3.3 Des segments de produits aux dynamiques de prix très contrastées

La décomposition par sous-code tarifaire révèle des écarts de prix importants entre segments :

Segment (export) Vol. 2025 (t) Val. 2025 (M€) Prix 2015 (€/t) Prix 2022 (€/t) Prix 2025 (€/t)
04041002 (poudre, sans sucre, MG ≤1,5 %) 656 058 885 1 183 1 634 1 349
04041014 (poudre, prot. >15 %, MG 1,5–27 %) 60 747 243 2 694 4 139 4 005
04041012 (poudre, prot. >15 %, MG ≤1,5 %) 16 426 21 978 1 764 1 267
04041004 (poudre, prot. ≤15 %, MG 1,5–27 %) 6 514 8 1 237 2 450 1 226

Le segment 04041002 représente à lui seul environ 86 % du volume exporté et 74 % de la valeur totale. Il s'agit du produit de base, dont le prix oscille entre 1 100 et 1 650 €/t. Le segment 04041014 — lactosérum à haute teneur en protéines (>15 %) et en matières grasses (1,5–27 %) — se distingue par des prix nettement supérieurs (2 694 à 4 139 €/t), reflétant une valeur ajoutée plus élevée liée au profil nutritionnel du produit. Malgré un volume stable (~60 000 t), ce segment a vu sa valeur augmenter de 49 %, tirée par la seule hausse des prix.

Du côté des importations, un mouvement structurel est observable : le code 04041048 (lactosérum liquide sans sucre) a vu son volume fondre de 91 933 t à 30 089 t (−67 %), tandis que le code 04041002 (poudre sans sucre) a progressé de 26 832 t à 42 265 t (+58 %). Les importations se sont donc restructurées en faveur de la poudre, plus facile à transporter et à stocker, au détriment de la forme liquide.

Conclusion

Sur la période 2015–2025, le marché européen du lactosérum (CN 040410) a connu une triple transformation. Premièrement, l'Union européenne a solidifié son statut de puissance exportatrice nette, avec un excédent commercial passé de 721 M€ à 1 122 M€ et une propension à exporter en hausse de 53 %. Deuxièmement, la géographie des échanges s'est profondément reconfigurée autour du pôle asiatique : la Chine et l'Asie du Sud-Est absorbent désormais une part prépondérante des exportations, tandis que les importations ont été affectées par les tensions géopolitiques (émergence de l'Ukraine, effacement de la Biélorussie, recul de la Suisse).

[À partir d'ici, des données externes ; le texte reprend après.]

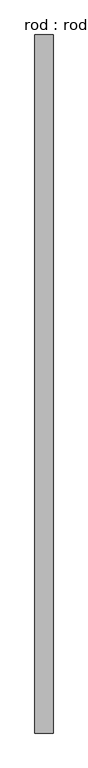
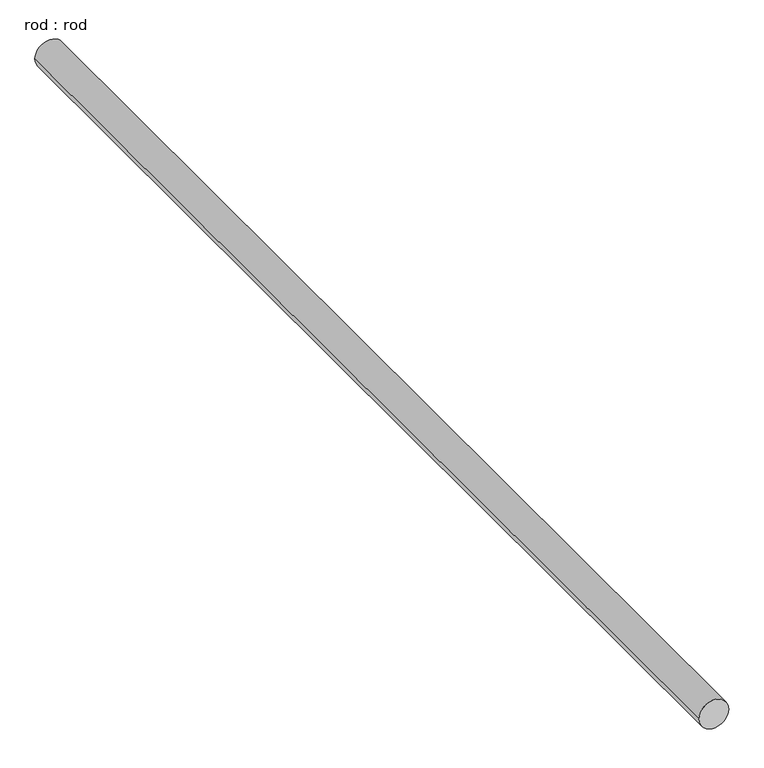
"""IFC4 building model written with IfcOpenShell, lengths in millimetres: proxy geometry, rod : rod."""

from ifc_helpers import new_model, si_unit, point, frame, frame_2d, origin, place, context, project, spatial, circle_curve, trimmed, segment, composite_curve, outline, extrude, source, transform, mapped, element, save


def rod_rod_69a24432(model_context):
    return source(origin(), model_context, "Body", "SweptSolid", [
        extrude(outline(composite_curve([segment(trimmed(circle_curve(frame_2d((0.0108462, 0.0)), 200.0), [point((0.0108462, 200.0))], [point((0.0108462, -200.0))], False, "CARTESIAN"), True, "CONTINUOUS"), segment(trimmed(circle_curve(frame_2d((0.0108462, 0.0)), 200.0), [point((0.0108462, -200.0))], [point((0.0108462, 200.0))], False, "CARTESIAN"), True, "CONTINUOUS")], self_intersect=False)), frame((0.0, -3607.5856259, 0.0), z_axis=(0.0, 1.0, 0.0), x_axis=(0.0, 0.0, 1.0)), (0.0, 0.0, 1.0), 15400.6284824),
    ])


if __name__ == "__main__":
    model = new_model("IFC4")
    model_context = context("Model", 3, world=origin())
    ifc_project = project(units=[si_unit("LENGTHUNIT", "METRE", prefix="MILLI")], contexts=[model_context])
    site = spatial("IfcSite", under=ifc_project)
    building = spatial("IfcBuilding", under=site)
    placement = place(None, origin())
    rod_rod_shape = rod_rod_69a24432(model_context)
    element("IfcBuildingElementProxy", 1, Name="rod : rod", ObjectType="rod : rod", at=placement, inside=building, context=model_context, shape_type="MappedRepresentation", body=[
        mapped(rod_rod_shape, transform((0.0, 0.0, 0.0), x_axis=(1.0, 0.0, 0.0), y_axis=(0.0, 1.0, 0.0), z_axis=(0.0, 0.0, 1.0))),
    ])
    save(model, "model.ifc")

# Revit data of these elements
# Type "rod : rod"
#   Default Elevation = 0

Troisièmement, les prix ont connu une hausse structurelle ponctuée d'un pic spectaculaire en 2022 (+40 % sur le marché chinois), qui a mis en évidence la volatilité intrinsèque de ce marché mondial des protéines laitières.

L'industrie européenne apparaît bien positionnée pour répondre à la demande mondiale croissante, mais reste exposée aux aléas de prix et aux risques liés à la concentration de la demande sur quelques marchés asiatiques clés. Le maintien de la diversification géographique et la montée en gamme des produits exportés constituent les principaux leviers de résilience pour la décennie à venir.

Généré le 2026-08-09. Les chiffres reflètent les données d’Eurostat au moment de la génération et n’incluent pas les révisions ultérieures.

Généré automatiquement : ce rapport vise à accélérer l’analyse humaine, pas à la remplacer.